Note that the web-based tools, such as Hoppscotch, will send requests not from your device but from the cloud. This may cause your request to be flagged by some applications (for good reason!).

Project hint

Postman makes it really easy for you to create and send API requests. You will likely find it incredibly helpful as you work on the Week 1 project.

Here is a good tutorial for Postman: https://learning.postman.com/docs/getting-started/sending-the-first-request/. Try sending your first request!
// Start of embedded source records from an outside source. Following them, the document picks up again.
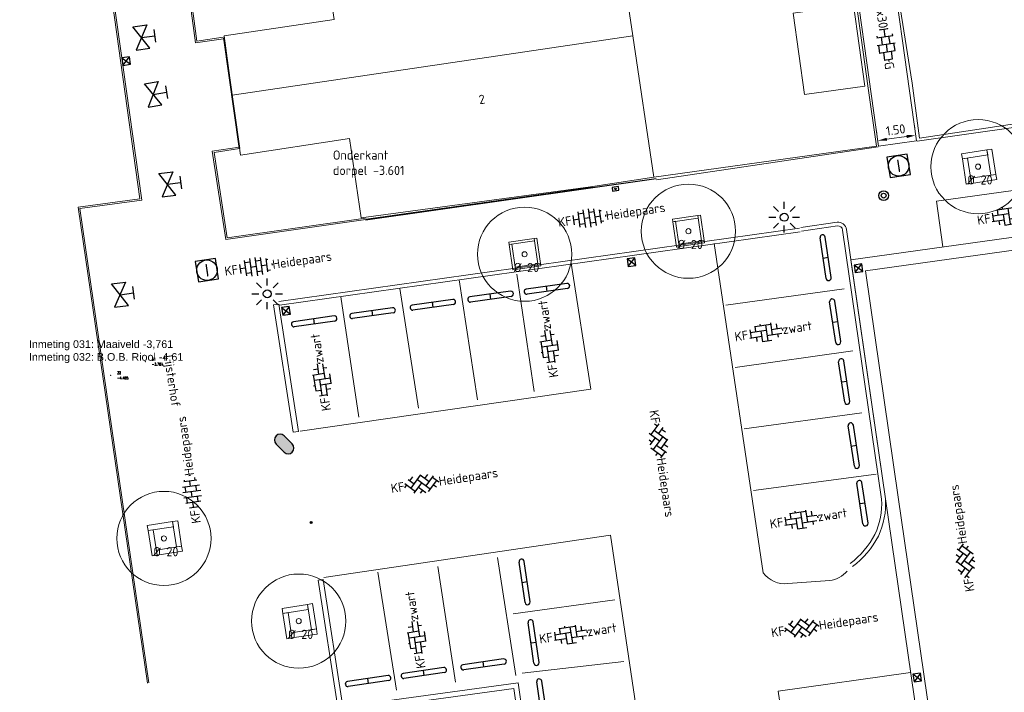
# Model space of a CAD drawing. Header units: metres. Extents: x 102746 to 103541, y 468531 to 469408.
# Tile 10 of 87: x 103072 to 103110, y 468772 to 468798. Entities that reach past the tile are written whole.
import ezdxf
from ezdxf.enums import TextEntityAlignment as Align

# ---------------------------------------------------------------- set-up
doc = ezdxf.new("R2010")
doc.units = ezdxf.units.M
doc.linetypes.add('VH-OPSLUITBAND_60X200', pattern=[12, 6, -2, 2, -2])
doc.linetypes.add('VH-TROTTOIRBAND_130-150', pattern=[15, 5, -2, 2, -2, 2, -2])
doc.layers.get('0').update_dxf_attribs({"lineweight": 25})
for name, color, linetype, lineweight in [('B-RO-BC-BETONVORM-G', 251, 'Continuous', 0), ('B-RO-GR-BOOM-G', 90, 'Continuous', 13), ('B-RO-GR-BOOM_BOOM_20 CM-S', 90, 'Continuous', 25), ('B-RO-IE-MEUBILAIR_WEGMEUBILAIR-S', 7, 'Continuous', 25), ('B-RO-IE-MEUBILAIR_WEGMEUBILAIR_LICHTMAST-S', 7, 'Continuous', 25), ('B-RO-IE-MEUBILAIR_WEGMEUBILAIR_PARKEERMAATREGEL-S', 7, 'Continuous', 25), ('B-RO-IE-TERREINAFSCHEIDING_KUNSTMATIG_SCHUTTING-G', 90, 'IE-TERREINAFSCHEIDING-KUNSTMATIG-DICHT', 18), ('B-RO-KL-DATA_CAI_KAST-S', 90, 'Continuous', 25), ('B-RO-KL-WATER_HULPSTUK-S', 170, 'Continuous', 25), ('B-RO-OG-BEBOUWING-G', 7, 'Continuous', 35), ('B-RO-OG-BGT-G', 253, 'Continuous', 13), ('B-RO-RI-GWA_RIOOLPUT-S', 30, 'Continuous', 25), ('B-RO-RI-HWA_KOLK-S', 150, 'Continuous', 25), ('B-RO-VH-GOOT-G', 170, 'Continuous', 18), ('B-RO-VH-KANTOPSLUITING_ACHTERKANTBAND-G', 253, 'Continuous', 18), ('B-RO-VH-KANTOPSLUITING_OPSLUITBAND_60X200-G', 150, 'VH-OPSLUITBAND_60X200', 18), ('B-RO-VH-KANTOPSLUITING_TROTTOIRBAND_130 150-G', 84, 'VH-TROTTOIRBAND_130-150', 18), ('B-RO-VH-VERHARDING-G', 252, 'Continuous', 18), ('B-RO-VH-VERHARDING_BETONSTRAATSTEEN-S', 252, 'Continuous', 25), ('B-RO-VH-VERHARDING_TEGEL_BETON-S', 252, 'Continuous', 25), ('B-RO-VW-MARKERING_WEG MARKERING-G', 7, 'Continuous', 0), ('CALQUE_PTTOPO_ALT', 7, 'Continuous', 0), ('CALQUE_PTTOPO_MAT', 7, 'Continuous', 0), ('PTTOPO', 7, 'Continuous', 0), ('X-XX-AL-M', 7, 'Continuous', 18), ('X-XX-AL-T18', 7, 'Continuous', 18)]:
    doc.layers.add(name, color=color, linetype=linetype, lineweight=lineweight)
doc.layers.add('Punten', color=7, linetype='Continuous')
doc.styles.add('ARIAL', font='arial.ttf')
doc.styles.add('NLCS-ISO', font='txt')
doc.styles.add('NLCS-ISO-M200-T18', font='txt', dxfattribs={"height": 0.36})
doc.styles.add('Style-STANDARD', font='STANDARD.shx')
doc.linetypes.add('IE-TERREINAFSCHEIDING-KUNSTMATIG-DICHT', pattern='A,8,-1,[82,NLCS.shx,S=0.75,R=90,X=0,Y=0],-1', length=10)
doc.dimstyles.new('NLCS-M200-T18-PIJL_L2_H1', dxfattribs={"dimscale": 0.2, "dimtxt": 2.5, "dimasz": 1.8, "dimexe": 2, "dimexo": 2, "dimgap": 0.7, "dimtad": 1, "dimzin": 0, "dimdsep": 46, "dimtxsty": 'NLCS-ISO-M200-T18', "dimcen": 0, "dimdle": 2, "dimclrd": 256, "dimclre": 256, "dimclrt": 256, "dimadec": 1, "dimazin": 0, "dimtfac": 1, "dimtdec": 3, "dimtofl": 0, "dimtmove": 0, "dimatfit": 3, "dimfxl": 2, "dimfxlon": 1, "dimtfillclr": 256, "dimtolj": 1, "dimtzin": 0, "dimlwd": -1, "dimlwe": -1, "dimarcsym": 0})

# ---------------------------------------------------------------- blocks, each defined once
blk = doc.blocks.new('B-SIE-WEG_LICHTMAST_SPOT-SO')
for p, q in [((-2.12, 2.12), (-1.15, 1.15)), ((0, 1.62), (0, 3)), ((1.15, 1.15), (2.12, 2.12)), ((-3, 0), (-1.62, 0)), ((-2.12, -2.12), (-1.15, -1.15)), ((0, -3), (0, -1.62)), ((1.15, -1.15), (2.12, -2.12)), ((1.62, 0), (3, 0))]:
    blk.add_line(p, q)
blk.add_circle((0, 0), 0.77)
at = {"style": 'NLCS-ISO'}
blk.add_attdef('TYPE', text='', height=1.8, dxfattribs=at).set_placement((0, 3), align=Align.BOTTOM_CENTER)
blk = doc.blocks.new('SIE-WEG_PARKEERMAATREGEL_STOOTBAND_200X200X900_DUBBEL')
for p, q in [((0.8, 0.1), (-0.8, 0.1)), ((0, -0.1), (0, 0.1)), ((0.8, -0.1), (-0.8, -0.1))]:
    blk.add_line(p, q)
for centre, start, end in [((-0.8, 0), 90, 270), ((0.8, 0), 270, 90)]:
    blk.add_arc(centre, 0.1, start, end)
blk = doc.blocks.new('SVH-BSS_KEIFORMAAT_ELLEBOOG_KL-SO')
for p, q in [((-2.92, 0.92), (-2.92, -0.66)), ((-2.92, 0.39), (0.23, 0.39)), ((-1.87, 1.5), (-1.87, 0.39)), ((-1.87, 1.44), (1.28, 1.44)), ((-0.82, 1.75), (-0.82, 1.44)), ((-0.82, 0.39), (-0.82, -1.75)), ((0.23, 1.44), (0.23, -1.71)), ((1.28, 1.67), (1.28, -0.66)), ((1.28, 0.39), (3.32, 0.39)), ((2.33, 1.31), (2.33, 0.39)), ((3.38, 0.18), (3.38, -0.18)), ((-3.16, -0.66), (-0.82, -0.66)), ((-1.87, -0.66), (-1.87, -1.5)), ((-0.82, -1.71), (1.03, -1.71)), ((0.23, -0.66), (3.16, -0.66)), ((2.33, -0.66), (2.33, -1.31))]:
    blk.add_line(p, q)
at = {"style": 'NLCS-ISO'}
blk.add_attdef('FORMAAT', text='', height=1.8, dxfattribs=at).set_placement((-3.39, 0), align=Align.MIDDLE_RIGHT)
blk.add_attdef('KLEUR', text='', height=1.8, dxfattribs=at).set_placement((3.39, 0), align=Align.MIDDLE_LEFT)
at = {"style": 'NLCS-ISO', "flags": 1}
blk.add_attdef('FUNCTIE', text='', height=1.8, dxfattribs=at).set_placement((0.12, -3.58), align=Align.MIDDLE_CENTER)
blk = doc.blocks.new('SVH-BSS_KEIFORMAAT_KEPER_KL-SO')
for p, q in [((-3.44, -0.47), (-2.97, 0)), ((-3.31, 0.34), (-1.48, -1.48)), ((-2.52, 1.03), (-1.48, 0)), ((-2.23, -0.74), (0, 1.48)), ((-2.23, 0.74), (-1.57, 1.4)), ((-1.77, -1.77), (0, 0)), ((-0.74, 0.74), (1.48, -1.48)), ((-0.1, 1.58), (1.48, 0)), ((0.74, 0.74), (1.4, 1.4)), ((0.74, -0.74), (2.46, 0.98)), ((1.06, -1.91), (2.97, 0)), ((2.23, 0.74), (3.31, -0.34)), ((-0.74, -0.74), (0.5, -1.99)), ((-0.52, -2), (0, -1.48)), ((2.23, -0.74), (2.72, -1.24))]:
    blk.add_line(p, q)
at = {"style": 'NLCS-ISO'}
blk.add_attdef('FORMAAT', text='', height=1.8, dxfattribs=at).set_placement((-3.47, -0.23), align=Align.MIDDLE_RIGHT)
blk.add_attdef('KLEUR', text='', height=1.8, dxfattribs=at).set_placement((3.32, -0.22), align=Align.MIDDLE_LEFT)
at = {"style": 'NLCS-ISO', "flags": 1}
blk.add_attdef('FUNCTIE', text='', height=1.8, dxfattribs=at).set_placement((0.12, -3.58), align=Align.MIDDLE_CENTER)
blk = doc.blocks.new('SVH-BSS_KEIFORMAAT_HALFST_KL-SO')
for p, q in [((-3.15, -1), (-3.15, 0.83)), ((-3.15, 0), (-2.1, 0)), ((-2.1, -1.59), (-2.1, 1.42)), ((-2.1, 1.05), (-1.05, 1.05)), ((-1.05, -1.83), (-1.05, 1.66)), ((-1.05, 0), (0, 0)), ((0, -1.88), (0, 1.71)), ((0, 1.05), (1.05, 1.05)), ((1.05, -1.75), (1.05, 1.58)), ((1.05, 0), (2.1, 0)), ((2.1, -1.4), (2.1, 1.22)), ((2.1, 1.05), (2.41, 1.05)), ((3.15, -0.26), (3.15, 0.09)), ((3.15, 0), (3.16, 0)), ((-2.1, -1.05), (-1.05, -1.05)), ((0, -1.05), (1.05, -1.05)), ((2.1, -1.05), (2.64, -1.05))]:
    blk.add_line(p, q)
at = {"style": 'NLCS-ISO'}
blk.add_attdef('FORMAAT', text='', height=1.8, dxfattribs=at).set_placement((-3.62, -0.09), align=Align.MIDDLE_RIGHT)
blk.add_attdef('KLEUR', text='', height=1.8, dxfattribs=at).set_placement((3.17, -0.09), align=Align.MIDDLE_LEFT)
at = {"style": 'NLCS-ISO', "flags": 1}
blk.add_attdef('FUNCTIE', text='', height=1.8, dxfattribs=at).set_placement((0.12, -3.58), align=Align.MIDDLE_CENTER)
blk = doc.blocks.new('SGR-BOOM 20')
at = {"layer": 'B-RO-GR-BOOM-G'}
for radius in [1.84, 0.1]:
    blk.add_circle((0.001, 0), radius, dxfattribs=at)
at = {"layer": 'X-XX-AL-T18', "insert": (-0.417, -0.337), "char_height": 0.36, "attachment_point": 1, "style": 'NLCS-ISO-M200-T18'}
blk.add_mtext_dynamic_manual_height_columns('%%C 20', width=1.83388, gutter_width=1.8, heights=[0], dxfattribs=at)
blk = doc.blocks.new('B-SRI-KOLK_STRAAT_300X300-SO')
for p, q in [((-0.75, 0), (0.75, 1.5)), ((0.75, 0), (-0.75, 1.5))]:
    blk.add_line(p, q)
at = {"flags": 128}
blk.add_lwpolyline([(-0.75, 0), (0.75, 0), (0.75, 1.5), (-0.75, 1.5)], close=True, dxfattribs=at)
blk = doc.blocks.new('SKL-WTB_HULP_AFSLUITER_HANDB-SO')
at = {"ltscale": 0.1}
for p, q in [((-1.25, 2.62), (1.25, 2.62)), ((0, 0), (0, 2.62)), ((-2.3, -1.37), (-2.3, 1.37))]:
    blk.add_line(p, q, dxfattribs=at)
for p, q in [((2.3, 1.37), (-2.3, -1.37)), ((-2.3, 1.37), (2.3, -1.37)), ((2.3, -1.37), (2.3, 1.37))]:
    blk.add_line(p, q)
blk = doc.blocks.new('SIE-WEG_PARKEERMAATREGEL_HUNNENBED')
blk.add_hatch(color=256).paths.add_polyline_path([(0.224, 0.225), (-0.224, 0.225, 1), (-0.224, -0.225), (0.224, -0.225, 1)])
at = {"flags": 128}
blk.add_lwpolyline([(0.224, -0.225, 1), (0.224, 0.225), (-0.224, 0.225, 1), (-0.224, -0.225)], format="xyb", close=True, dxfattribs=at)
blk = doc.blocks.new('SIE-WEG_PAAL_UITNEEMBAAR-SO')
h = blk.add_hatch(color=256)
h.paths.add_polyline_path([(0.19, 0, 1), (-0.19, 0, 1)])
h.paths.add_polyline_path([(0.09, -0.09), (-0.09, -0.09), (-0.09, 0.09), (0.09, 0.09)], flags=16)
at = {"flags": 128}
blk.add_lwpolyline([(0.09, 0.09), (-0.09, 0.09), (-0.09, -0.09), (0.09, -0.09)], close=True, dxfattribs=at)
blk.add_circle((0, 0), 0.188)
blk = doc.blocks.new('SKL-DATA_TERREINKAST-SO')
for q in [(-0.2, 0.2), (0.2, 0.2)]:
    blk.add_line((0, -0.21), q)
at = {"flags": 128}
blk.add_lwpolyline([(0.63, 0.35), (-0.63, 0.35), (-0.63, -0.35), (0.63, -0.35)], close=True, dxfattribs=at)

Once you have done that, take five minutes to go over the 'Building Request' section in Postman's documentation too: https://learning.postman.com/docs/sending-requests/requests/

Python Requests

You can also send requests using the Python requests library. It's really simple to use and great for automating simple commands. See the docs here. This is probably what you'll end up using if you want to programmatically send a different request each time, and then take different actions based on the response.

Project hint

Python requests will be sufficient for the Week 1 project.

Selenium Webdriver

Many websites employ various levels of anti-automation techniques, to prevent scripts from impersonating end-users or from scraping their website. For example, a website may not allow you to make a POST request to login, unless it has detected a click or keystroke on the login form. In such cases, you may need to interact more precisely with the UI to generate automated application requests.

One way that you can do this is to run a 'headless browser', or a 'webdriver'. This is simply a browser instance that you can control programmatically. A popular framework is Selenium on Python.

Note that this will still fail for websites that employ relatively advanced bot defense techniques, but it should get you going for most websites (and for scraping).